→ **Task goal**
For the material below, return exactly the lines starting at the one holding "#6324=CARTESIAN_POINT('',(-27.507,-17.726,0.));" and ending at the one holding "#6430=CARTESIAN_POINT('',(-26.608,-26.347,0.06));", counting both as part of the range.

→ **Dataset records**

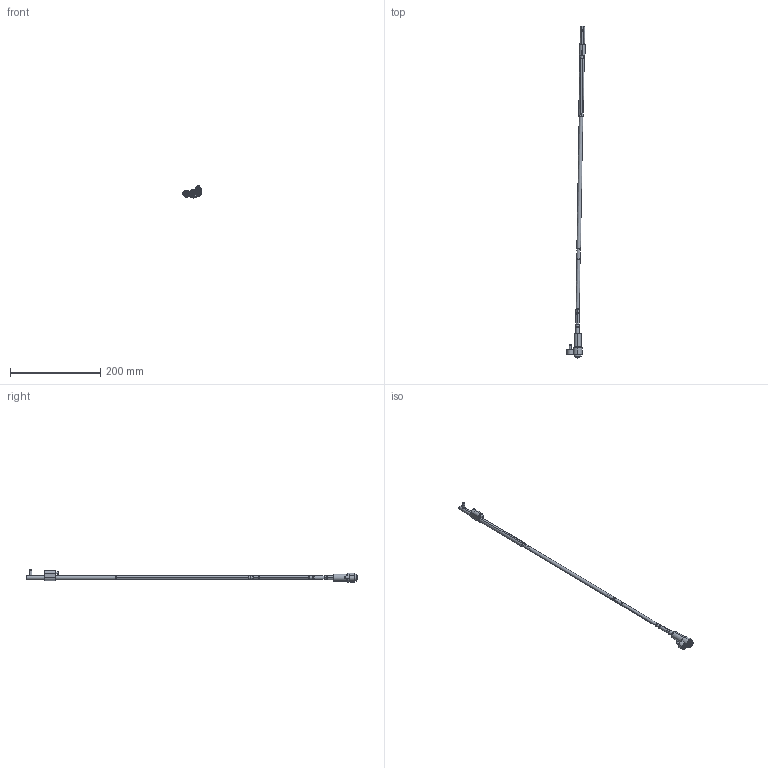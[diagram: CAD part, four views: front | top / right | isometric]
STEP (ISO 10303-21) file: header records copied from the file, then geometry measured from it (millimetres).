
FILE_DESCRIPTION (( 'STEP AP214' ), '1' );
FILE_NAME ('WL080100L-EJE 1°.STEP', '2021-03-19T15:24:12', ( '' ), ( '' ), 'SwSTEP 2.0', 'SolidWorks 2019', '' );
FILE_SCHEMA (( 'AUTOMOTIVE_DESIGN' ));
Length unit declared in the file: millimetre
Products named in the file (17): 9DR2206-TOR; WL080100-D; Web-WL08-F01; WL080100L-EJE 1°; Web-WL08-F00.SLDPRT; 1DIN912545_DIN 912 M5 x 50 --- 50C; 1DIN912616_DIN 912 M6 x 16 --- 16C; WL080100-C; Web-WP08-1; 3IMAN4X2-150_con sello; Web-WL08-A3; WL080100-B1_WL0800FF-1; Web-WL08-A1; WL080100-B_WL0800FF; Web-WL08-A2; Web-WL08XX-A7_ON-WL080100-1; WL080100-E
Assembly tree (16 placements, depth 3):
  WL080100L-EJE 1°
    Web-WP08-1
    Web-WL08XX-A7_ON-WL080100-1
    Web-WL08-A3
    Web-WL08-A2
    Web-WL08-A1
    WL080100-D
    WL080100-C
    WL080100-B_WL0800FF
      WL080100-B1_WL0800FF-1
      3IMAN4X2-150_con sello
    WL080100-E
    9DR2206-TOR
    Web-WL08-F00.SLDPRT
      Web-WL08-F01
      1DIN912545_DIN 912 M5 x 50 --- 50C
      1DIN912616_DIN 912 M6 x 16 --- 16C
Bounding box: 40.67 x 736.99 x 26.9 mm (x, y, z)
Volume: 57313.6 mm3; surface area: 33636.1 mm2
Topology: 15 solids, 15 shells, 424 faces, 888 edges, 516 vertices
Faces by surface type: plane 132, cylinder 128, cone 116, torus 48
Entity records: 13492 total; most frequent: DIRECTION 2218, CARTESIAN_POINT 2045, ORIENTED_EDGE 1756, AXIS2_PLACEMENT_3D 921, EDGE_CURVE 878, VERTEX_POINT 516, CIRCLE 476, EDGE_LOOP 468
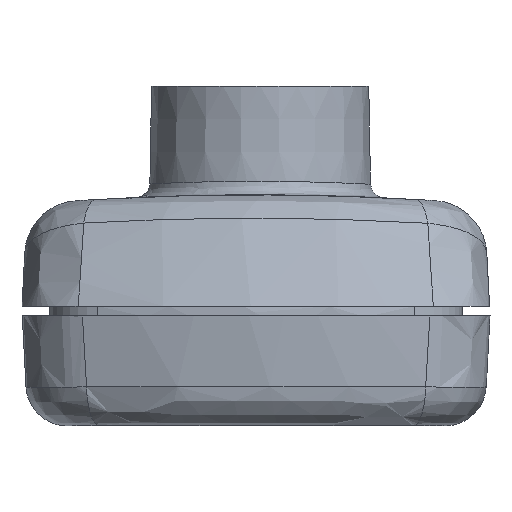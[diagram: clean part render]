
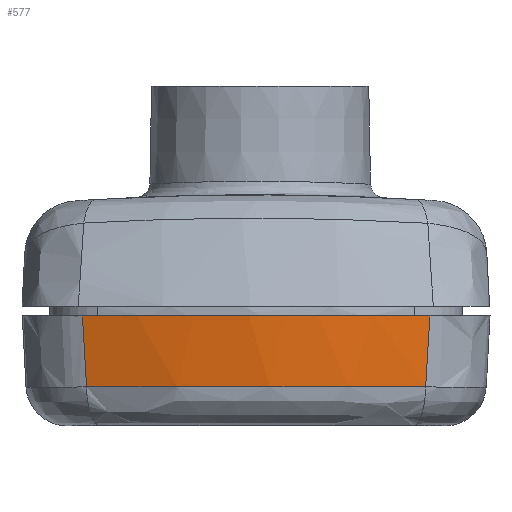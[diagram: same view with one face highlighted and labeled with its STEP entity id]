
A CAD part, left-side view. The second image highlights one B-rep face of the part: STEP entity #577.
In plain terms, the highlighted free-form (B-spline) face has degree [1, 3] with [3, 4] control points.
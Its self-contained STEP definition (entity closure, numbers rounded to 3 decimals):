
#133=B_SPLINE_SURFACE_WITH_KNOTS('',1,3,((#6457,#6458,#6459,#6460),(#6461,
#6462,#6463,#6464),(#6465,#6466,#6467,#6468)),.UNSPECIFIED.,.F.,.F.,.F.,
(2,1,2),(4,4),(0.,0.028,1.),(0.,1.),.UNSPECIFIED.);
#289=B_SPLINE_CURVE_WITH_KNOTS('',3,(#6315,#6316,#6317,#6318),
 .UNSPECIFIED.,.F.,.F.,(4,4),(0.,1.),.UNSPECIFIED.);
#290=B_SPLINE_CURVE_WITH_KNOTS('',3,(#6320,#6321,#6322,#6323),
 .UNSPECIFIED.,.F.,.F.,(4,4),(0.,1.),.UNSPECIFIED.);
#291=B_SPLINE_CURVE_WITH_KNOTS('',3,(#6325,#6326,#6327,#6328),
 .UNSPECIFIED.,.F.,.F.,(4,4),(0.,1.),.UNSPECIFIED.);
#301=B_SPLINE_CURVE_WITH_KNOTS('',3,(#6430,#6431,#6432,#6433),
 .UNSPECIFIED.,.F.,.F.,(4,4),(0.,1.),.UNSPECIFIED.);
#302=B_SPLINE_CURVE_WITH_KNOTS('',3,(#6436,#6437,#6438,#6439),
 .UNSPECIFIED.,.F.,.F.,(4,4),(0.,1.),.UNSPECIFIED.);
#303=B_SPLINE_CURVE_WITH_KNOTS('',3,(#6441,#6442,#6443,#6444,#6445,#6446,
#6447),.UNSPECIFIED.,.F.,.F.,(4,3,4),(0.,0.703,1.),
 .UNSPECIFIED.);
#304=B_SPLINE_CURVE_WITH_KNOTS('',3,(#6449,#6450,#6451,#6452),
 .UNSPECIFIED.,.F.,.F.,(4,4),(0.,1.),.UNSPECIFIED.);
#305=B_SPLINE_CURVE_WITH_KNOTS('',3,(#6453,#6454,#6455,#6456),
 .UNSPECIFIED.,.F.,.F.,(4,4),(0.,1.),.UNSPECIFIED.);
#577=ADVANCED_FACE('',(#799),#133,.F.);
#799=FACE_OUTER_BOUND('',#987,.T.);
#987=EDGE_LOOP('',(#1576,#1577,#1578,#1579,#1580,#1581,#1582,#1583));
#1576=ORIENTED_EDGE('',*,*,#2487,.T.);
#1577=ORIENTED_EDGE('',*,*,#2488,.T.);
#1578=ORIENTED_EDGE('',*,*,#2489,.T.);
#1579=ORIENTED_EDGE('',*,*,#2490,.T.);
#1580=ORIENTED_EDGE('',*,*,#2453,.F.);
#1581=ORIENTED_EDGE('',*,*,#2452,.F.);
#1582=ORIENTED_EDGE('',*,*,#2451,.F.);
#1583=ORIENTED_EDGE('',*,*,#2491,.T.);
#2097=VERTEX_POINT('',#6314);
#2098=VERTEX_POINT('',#6319);
#2099=VERTEX_POINT('',#6324);
#2100=VERTEX_POINT('',#6329);
#2128=VERTEX_POINT('',#6434);
#2129=VERTEX_POINT('',#6435);
#2130=VERTEX_POINT('',#6440);
#2131=VERTEX_POINT('',#6448);
#2451=EDGE_CURVE('',#2097,#2098,#289,.T.);
#2452=EDGE_CURVE('',#2098,#2099,#290,.T.);
#2453=EDGE_CURVE('',#2099,#2100,#291,.T.);
#2487=EDGE_CURVE('',#2128,#2129,#301,.T.);
#2488=EDGE_CURVE('',#2129,#2130,#302,.T.);
#2489=EDGE_CURVE('',#2130,#2131,#303,.T.);
#2490=EDGE_CURVE('',#2131,#2100,#304,.T.);
#2491=EDGE_CURVE('',#2097,#2128,#305,.T.);
#6314=CARTESIAN_POINT('',(-26.61,-26.35,0.));
#6315=CARTESIAN_POINT('',(-26.61,-26.35,0.));
#6316=CARTESIAN_POINT('',(-27.051,-25.026,0.));
#6317=CARTESIAN_POINT('',(-27.35,-23.66,0.));
#6318=CARTESIAN_POINT('',(-27.506,-22.278,0.));
#6319=CARTESIAN_POINT('',(-27.506,-22.278,0.));
#6320=CARTESIAN_POINT('',(-27.506,-22.278,0.));
#6321=CARTESIAN_POINT('',(-27.677,-20.767,0.));
#6322=CARTESIAN_POINT('',(-27.678,-19.238,0.));
#6323=CARTESIAN_POINT('',(-27.507,-17.726,0.));
#6324=CARTESIAN_POINT('',(-27.507,-17.726,0.));
#6325=CARTESIAN_POINT('',(-27.507,-17.726,0.));
#6326=CARTESIAN_POINT('',(-27.351,-16.344,0.));
#6327=CARTESIAN_POINT('',(-27.053,-14.976,0.));
#6328=CARTESIAN_POINT('',(-26.612,-13.65,0.));
#6329=CARTESIAN_POINT('',(-26.612,-13.65,0.));
#6430=CARTESIAN_POINT('',(-26.608,-26.347,0.06));
#6431=CARTESIAN_POINT('',(-26.578,-26.297,0.904));
#6432=CARTESIAN_POINT('',(-26.548,-26.247,1.748));
#6433=CARTESIAN_POINT('',(-26.518,-26.196,2.593));
#6434=CARTESIAN_POINT('',(-26.608,-26.347,0.06));
#6435=CARTESIAN_POINT('',(-26.518,-26.196,2.593));
#6436=CARTESIAN_POINT('',(-26.518,-26.196,2.593));
#6437=CARTESIAN_POINT('',(-27.829,-22.18,2.593));
#6438=CARTESIAN_POINT('',(-27.829,-17.82,2.593));
#6439=CARTESIAN_POINT('',(-26.519,-13.805,2.593));
#6440=CARTESIAN_POINT('',(-26.519,-13.805,2.593));
#6441=CARTESIAN_POINT('',(-26.519,-13.805,2.593));
#6442=CARTESIAN_POINT('',(-26.541,-13.769,1.999));
#6443=CARTESIAN_POINT('',(-26.562,-13.734,1.406));
#6444=CARTESIAN_POINT('',(-26.583,-13.699,0.813));
#6445=CARTESIAN_POINT('',(-26.592,-13.684,0.562));
#6446=CARTESIAN_POINT('',(-26.601,-13.669,0.311));
#6447=CARTESIAN_POINT('',(-26.61,-13.654,0.06));
#6448=CARTESIAN_POINT('',(-26.61,-13.654,0.06));
#6449=CARTESIAN_POINT('',(-26.61,-13.654,0.06));
#6450=CARTESIAN_POINT('',(-26.61,-13.653,0.04));
#6451=CARTESIAN_POINT('',(-26.611,-13.651,0.02));
#6452=CARTESIAN_POINT('',(-26.612,-13.65,0.));
#6453=CARTESIAN_POINT('',(-26.61,-26.35,0.));
#6454=CARTESIAN_POINT('',(-26.609,-26.349,0.02));
#6455=CARTESIAN_POINT('',(-26.609,-26.348,0.04));
#6456=CARTESIAN_POINT('',(-26.608,-26.347,0.06));
#6457=CARTESIAN_POINT('',(-25.745,-11.447,-0.322));
#6458=CARTESIAN_POINT('',(-28.287,-16.81,-0.322));
#6459=CARTESIAN_POINT('',(-28.287,-23.19,-0.322));
#6460=CARTESIAN_POINT('',(-25.744,-28.553,-0.322));
#6461=CARTESIAN_POINT('',(-25.732,-11.454,-0.041));
#6462=CARTESIAN_POINT('',(-28.272,-16.812,-0.041));
#6463=CARTESIAN_POINT('',(-28.272,-23.188,-0.041));
#6464=CARTESIAN_POINT('',(-25.73,-28.546,-0.041));
#6465=CARTESIAN_POINT('',(-25.27,-11.673,9.708));
#6466=CARTESIAN_POINT('',(-27.744,-16.89,9.708));
#6467=CARTESIAN_POINT('',(-27.744,-23.109,9.708));
#6468=CARTESIAN_POINT('',(-25.269,-28.327,9.708));
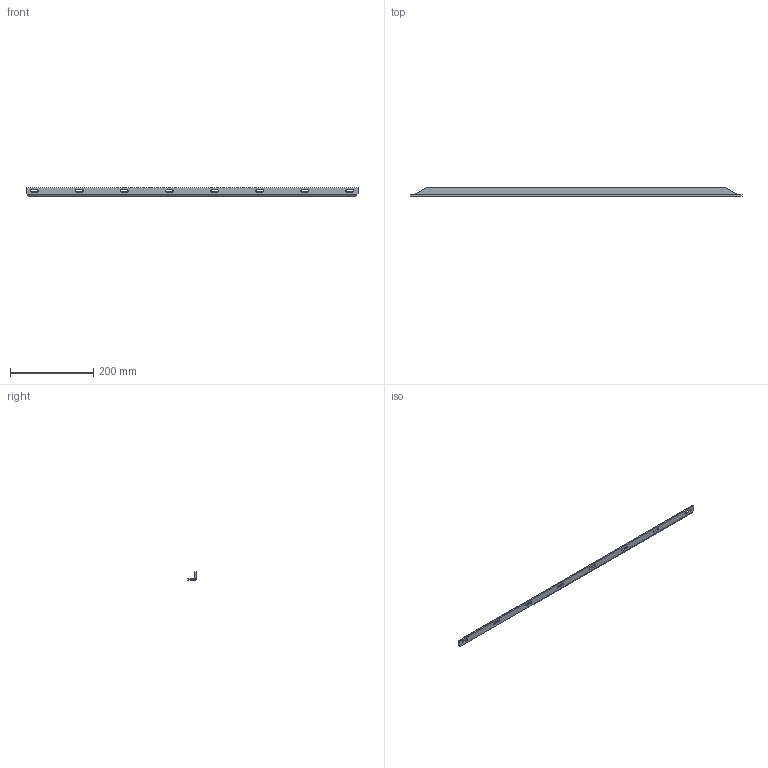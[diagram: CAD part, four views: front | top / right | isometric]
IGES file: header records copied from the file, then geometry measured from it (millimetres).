
Start section: SolidWorks IGES file using analytic representation for surfaces
Bounding box: 800 x 20 x 20 mm (x, y, z)
Surface area: 60736.6 mm2 (no closed solid volume)
Topology: 0 solids, 0 shells, 100 faces, 1162 edges, 1162 vertices
Faces by surface type: bspline 76, revolution 24
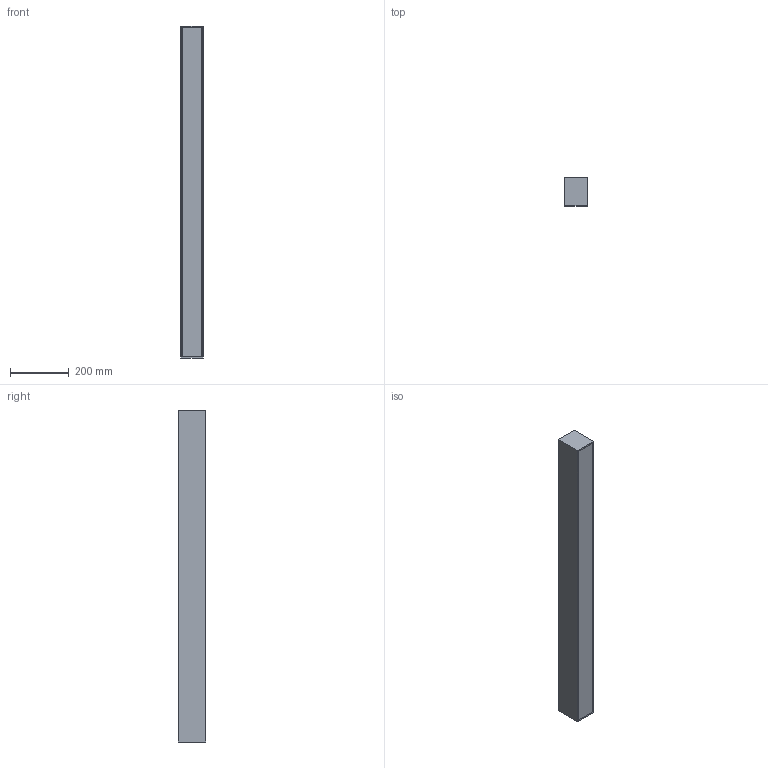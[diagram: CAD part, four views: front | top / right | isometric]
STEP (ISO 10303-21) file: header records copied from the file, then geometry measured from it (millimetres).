
FILE_DESCRIPTION (( 'STEP AP214' ), '1' );
FILE_NAME ('mLight_Kleo X LED_1124mm_Direct_Indirect.STEP', '2019-05-29T05:40:09', ( '' ), ( '' ), 'SwSTEP 2.0', 'SolidWorks 2017', '' );
FILE_SCHEMA (( 'AUTOMOTIVE_DESIGN' ));
Length unit declared in the file: millimetre
Products named in the file (1): mLight_Kleo X LED_1124mm_Direct_Indirect
Bounding box: 77.6 x 95.24 x 1134 mm (x, y, z)
Volume: 8169615.7 mm3; surface area: 487444.4 mm2
Topology: 1 solids, 1 shells, 106 faces, 294 edges, 196 vertices
Faces by surface type: plane 59, cylinder 45, bspline 2
Entity records: 3456 total; most frequent: CARTESIAN_POINT 635, DIRECTION 590, ORIENTED_EDGE 588, EDGE_CURVE 294, AXIS2_PLACEMENT_3D 199, VERTEX_POINT 196, VECTOR 192, LINE 192

→ **Written response**
#6324=CARTESIAN_POINT('',(-27.507,-17.726,0.));
#6325=CARTESIAN_POINT('',(-27.507,-17.726,0.));
#6326=CARTESIAN_POINT('',(-27.351,-16.344,0.));
#6327=CARTESIAN_POINT('',(-27.053,-14.976,0.));
#6328=CARTESIAN_POINT('',(-26.612,-13.65,0.));
#6329=CARTESIAN_POINT('',(-26.612,-13.65,0.));
#6430=CARTESIAN_POINT('',(-26.608,-26.347,0.06));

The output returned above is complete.